M71: Clone dict before iteration in CJS_Document::get_info
Bug: chromium:895152
TBR=tsepez@chromium.org
Change-Id: I678350841892f88a5d580b58a33a639a1b6ec305
Reviewed-on: https://pdfium-review.googlesource.com/c/44050
Reviewed-by: Lei Zhang <thestig@chromium.org>
Commit-Queue: Tom Sepez <tsepez@chromium.org>
(cherry picked from commit d2e27d660a96080882e43825fb4b5d03e8a4d05a)

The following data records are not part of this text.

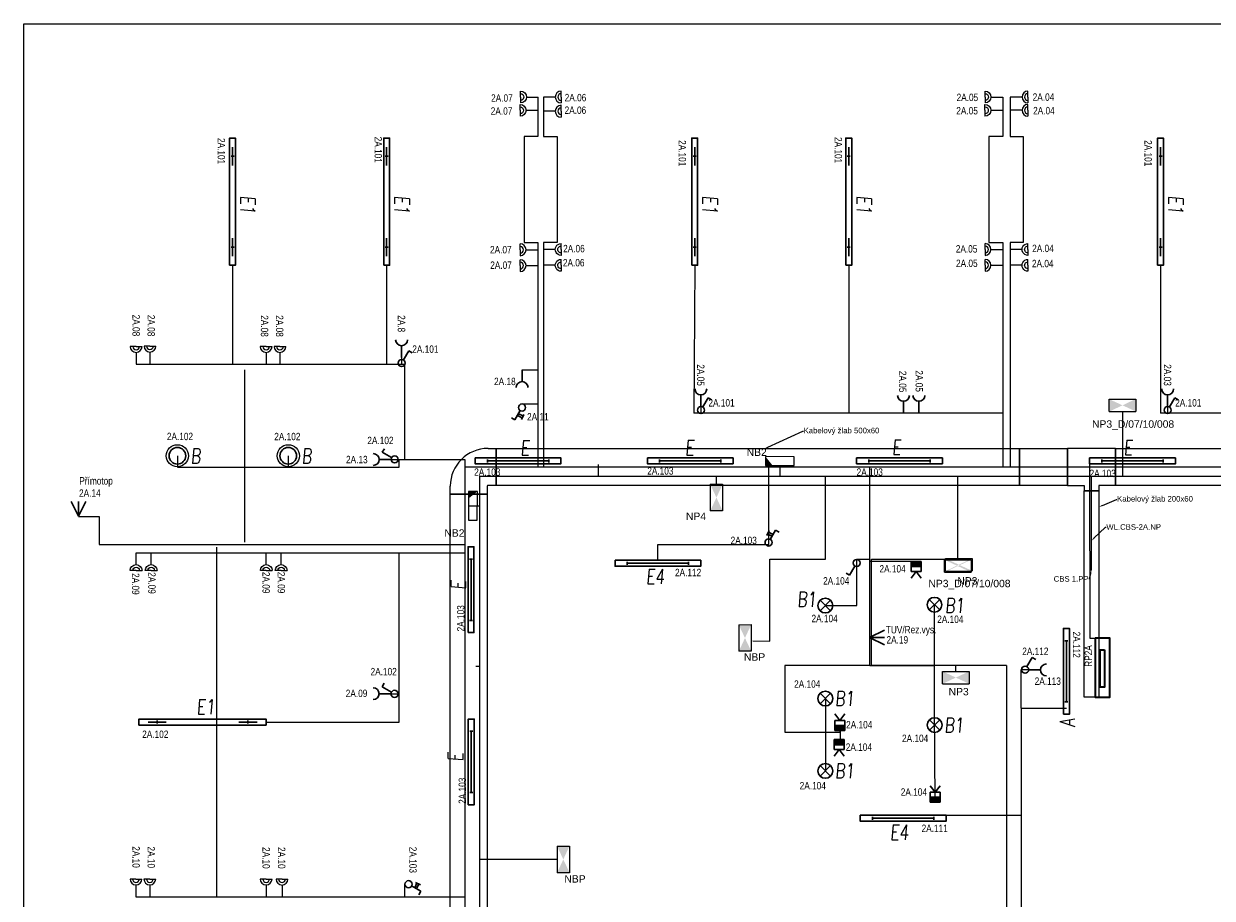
# Model space of a CAD drawing. Header units: millimetres. Extents: x 373037 to 682063, y 76092 to 274210.
# Tile 16 of 256: x 373037 to 389109, y 192050 to 203872. Entities that reach past the tile are written whole.
import ezdxf
from ezdxf import colors
from ezdxf.entities.mleader import LeaderData, LeaderLine
from ezdxf.enums import TextEntityAlignment as Align
from ezdxf.math import Vec2, Vec3

# ---------------------------------------------------------------- set-up
doc = ezdxf.new("R2010")
doc.units = ezdxf.units.MM
doc.header["$LTSCALE"] = 100
doc.layers.get('0').update_dxf_attribs({"linetype": 'CONTINUOUS'})
for name, color, linetype, lineweight in [('2DE_OBL', 97, 'CONTINUOUS', 30), ('2DE_OBL_L1', 91, 'CONTINUOUS', 30), ('CP_DETAL', 33, 'CONTINUOUS', 18), ('E_KABELOVY ŽLAB', 36, 'CONTINUOUS', 25), ('E_NOUZOVÉ+PP OSVĚTLENÍ', 60, 'CONTINUOUS', 25), ('E_ROZVADĚČE', 1, 'CONTINUOUS', 35), ('E_SVĚTLA POPIS', 130, 'CONTINUOUS', 30), ('E_VEDENÍ SILNOPROUD', 50, 'CONTINUOUS', 25), ('E_VEDENÍ_CBS', 214, 'CONTINUOUS', 25), ('E_VYPINACE', 170, 'CONTINUOUS', 30), ('E_ZÁSUVKY POPIS', 156, 'CONTINUOUS', 30), ('E_ZÁSUVKY-DVOJITE', 7, 'CONTINUOUS', 25), ('E_ZÁSUVKY.OST.+VYVODY', 11, 'CONTINUOUS', 30), ('E_ŽLABY', 40, 'CONTINUOUS', 15), ('U1 LIGHTING', 10, 'CONTINUOUS', 35)]:
    doc.layers.add(name, color=color, linetype=linetype, lineweight=lineweight)
for name, color, linetype in [('E_RÁM', 253, 'CONTINUOUS'), ('GC3_MEP_E_LV_SECURITY LIGHT', 80, 'CONTINUOUS'), ('PIKTOGRAMY', 210, 'CONTINUOUS'), ('PRIPOJKA 230V', 1, 'CONTINUOUS'), ('ŽLAB', 7, 'CONTINUOUS')]:
    doc.layers.add(name, color=color, linetype=linetype)
doc.styles.add('ARIAL', font='arial.ttf')
doc.styles.add('CP_ATTR', font='ROMANS.SHX')
doc.styles.add('CS-ROMANS', font='romans.shx', dxfattribs={"width": 0.75, "oblique": 5})
doc.styles.get("Standard").update_dxf_attribs({"font": 'arial.ttf'})
doc.styles.add('V+P_01_B3_E_FP_001$0$BLOCK', font='romans.shx', dxfattribs={"width": 0.8})

# ---------------------------------------------------------------- blocks, each defined once
blk = doc.blocks.new('A$C3423193F')
at = {"color": 1, "linetype": 'ByBlock'}
for p, q in [((80, 240), (0, 240)), ((80, 240), (160, 240)), ((80, 160), (80, 0))]:
    blk.add_line(p, q, dxfattribs=at)
for radius in [80, 45.2]:
    blk.add_arc((80, 240), radius, 180, 0, dxfattribs=at)
blk = doc.blocks.new('zasuvka_jednoducha')
at = {"color": 1, "lineweight": 30}
blk.add_line((19281, 12983), (19281, 13143), dxfattribs=at)
blk.add_arc((19281, 12903), 80, 0, 180, dxfattribs=at)
blk = doc.blocks.new('*U30')
at = {"color": 0, "linetype": 'ByBlock'}
for p, q in [((24, 249.57), (96, 374.28)), ((96, 374.28), (143.56, 346.82))]:
    blk.add_line(p, q, dxfattribs=at)
blk.add_circle((0, 208), 48, dxfattribs=at)
blk = doc.blocks.new('prepinas-svetel-jednoduchy')
at = {"layer": 'E_VYPINACE', "rotation": 89.99999999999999}
blk.add_blockref('*U30', (208, 2), dxfattribs=at)
blk = doc.blocks.new('E')
at = {"layer": 'U1 LIGHTING', "style": 'CS-ROMANS', "oblique": 5, "width": 0.75}
blk.add_text('E', height=200, dxfattribs=at).set_placement((229480, 21709))
blk = doc.blocks.new('*U32', base_point=(28429, 5840))
at = {"linetype": 'ByBlock'}
blk.add_hatch(color=0, dxfattribs=at).paths.add_polyline_path([(28362, 5840), (28497, 5840), (28497, 5772), (28362, 5772)])
at = {"color": 0, "linetype": 'ByBlock'}
for p, q in [((28429, 5907), (28362, 5997)), ((28429, 5907), (28497, 5997)), ((28362, 5907), (28497, 5907)), ((28362, 5772), (28362, 5907)), ((28362, 5840), (28497, 5840)), ((28497, 5907), (28497, 5772)), ((28497, 5772), (28362, 5772))]:
    blk.add_line(p, q, dxfattribs=at)
blk = doc.blocks.new('pohybove-cidlo-svetla')
at = {"layer": 'E_VYPINACE', "rotation": 180}
blk.add_blockref('*U32', (-1, 30), dxfattribs=at)
blk = doc.blocks.new('Rozvaděč')
at = {"layer": 'E_ROZVADĚČE'}
blk.add_lwpolyline([(2, 6), (802, 6), (802, 206), (2, 206), (2, 6)], dxfattribs=at)
blk.add_lwpolyline([(161, 134), (664, 134), (664, 73), (161, 73)], close=True, dxfattribs=at)
blk = doc.blocks.new('*U24')
at = {"color": 0, "linetype": 'ByBlock'}
for p, q in [((24, 249.57), (96, 374.28)), ((96, 374.28), (143.56, 346.82))]:
    blk.add_line(p, q, dxfattribs=at)
blk.add_circle((0, 208), 48, dxfattribs=at)
blk = doc.blocks.new('tlacitko_prepinac_svetla')
at = {"layer": 'E_VYPINACE'}
for points in [[(16875, 8774), (16940, 8744)], [(16888, 8798), (16951, 8769)], [(16930, 8722), (16960, 8787)]]:
    blk.add_lwpolyline(points, dxfattribs=at)
at = {"layer": 'E_VYPINACE', "rotation": 180}
blk.add_blockref('*U24', (16937, 9090), dxfattribs=at)
blk = doc.blocks.new('*U69')
for p, q in [((120, 260), (120, 370)), ((120, 370), (620, 370)), ((620, 370), (620, 260)), ((0, -250), (0, 250)), ((0, 250), (110, 250)), ((110, -250), (0, -250))]:
    blk.add_line(p, q)
for radius in [510, 10]:
    blk.add_arc((110, 260), radius, 270, 0)
at = {"style": 'CP_ATTR', "flags": 9}
for tag in ['NAME', 'PRODUCER', 'PRODUCT-TYPE', 'ARTICLE', 'FLOW', 'NUMBER', 'SYSTEM', 'FORM', 'SIZE', 'OTHER']:
    blk.add_attdef(tag, (0, 0), '', height=0.0001, dxfattribs=at)
blk = doc.blocks.new('*U71')
for p, q in [((0, -250), (0, 250)), ((0, 250), (10960, 250)), ((10960, 250), (10960, -250)), ((10960, -250), (0, -250))]:
    blk.add_line(p, q)
at = {"style": 'CP_ATTR', "flags": 9}
for tag in ['NAME', 'PRODUCER', 'PRODUCT-TYPE', 'ARTICLE', 'FLOW', 'NUMBER', 'SYSTEM', 'FORM', 'SIZE', 'OTHER']:
    blk.add_attdef(tag, (0, 0), '', height=0.0001, dxfattribs=at)
blk = doc.blocks.new('2DELLI009_CZ')
for p, q in [((-0.5, 0.1), (-0.5, -0.1)), ((-0.5, 0), (0.5, 0)), ((0.5, 0.1), (0.5, -0.1))]:
    blk.add_line(p, q)
blk.add_lwpolyline([(-0.7, 0.2), (0.7, 0.2), (0.7, -0.2), (-0.7, -0.2)], close=True)
at = {"linetype": 'ByBlock', "style": 'CP_ATTR', "flags": 9}
for tag, p in [('NAME', (-0.092, -0.018)), ('GROUP', (-0.092, -0.018)), ('NUMBER', (-0.092, -0.018)), ('PRODUCER', (-0.092, -0.018)), ('ARTICLE', (-0.092, -0.018)), ('CHARACTER', (-0.092, -0.018)), ('VOLTAGE', (-0.092, -0.019)), ('WEIGHT', (-0.092, -0.018)), ('OTHER', (-0.092, -0.018)), ('PRODUCT-TYPE', (-0.092, -0.019)), ('ORDER-NO', (-0.092, -0.019)), ('POWER', (-0.092, -0.019))]:
    blk.add_attdef(tag, text='', height=0.00005, dxfattribs=at).set_placement(p, align=Align.MIDDLE_LEFT)
blk = doc.blocks.new('V+P_01_B3_E_FP_001$0$E-LI-35')
at = {"layer": 'E_NOUZOVÉ+PP OSVĚTLENÍ', "linetype": 'ByBlock'}
for p, q in [((-10.88, -1.92), (10.88, -1.92)), ((-10.88, -12.08), (-10.88, -1.92)), ((10.88, -1.92), (10.88, -12.08)), ((-10.88, -12.08), (10.88, -12.08))]:
    blk.add_line(p, q, dxfattribs=at)
at = {"layer": 'E_NOUZOVÉ+PP OSVĚTLENÍ'}
blk.add_solid([(-10.88, -12.08), (-10.88, -1.92), (10.88, -1.92), (10.88, -12.08)], dxfattribs=at)
at = {"layer": 'E_NOUZOVÉ+PP OSVĚTLENÍ', "style": 'V+P_01_B3_E_FP_001$0$BLOCK', "width": 0.8, "flags": 8}
for tag, p in [('DIVERS.1', (-17.93, -2.11)), ('DIVERS.2', (-16.41, -11.97))]:
    blk.add_attdef(tag, text='', height=7.25, dxfattribs=at).set_placement(p, align=Align.RIGHT)
at = {"layer": 'E_NOUZOVÉ+PP OSVĚTLENÍ', "style": 'V+P_01_B3_E_FP_001$0$BLOCK', "width": 0.8}
for tag, p, height, flags in [('BLOCKNAME', (-6.79, -1.4), 2.54, 3), ('LEISTUNG', (13.35, -11.99), 7.25, 8)]:
    blk.add_attdef(tag, p, '', height=height, dxfattribs=dict(at, flags=flags))
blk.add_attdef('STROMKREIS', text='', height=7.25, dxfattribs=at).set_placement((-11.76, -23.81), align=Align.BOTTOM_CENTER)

Reviewed-on: https://pdfium-review.googlesource.com/c/47333
Reviewed-by: Tom Sepez <tsepez@chromium.org>
diff --git a/fxjs/cjs_document.cpp b/fxjs/cjs_document.cpp
index 6e2f2da..ff9cfc3 100644
--- a/fxjs/cjs_document.cpp
+++ b/fxjs/cjs_document.cpp
@@ -744,8 +744,9 @@
pRuntime->PutObjectProperty(pObj, L"Trapped",
pRuntime->NewString(cwTrapped.AsStringView()));
- // It's to be compatible to non-standard info dictionary.
- for (const auto& it : *pDictionary) {
+ // PutObjectProperty() calls below may re-enter JS and change info dict.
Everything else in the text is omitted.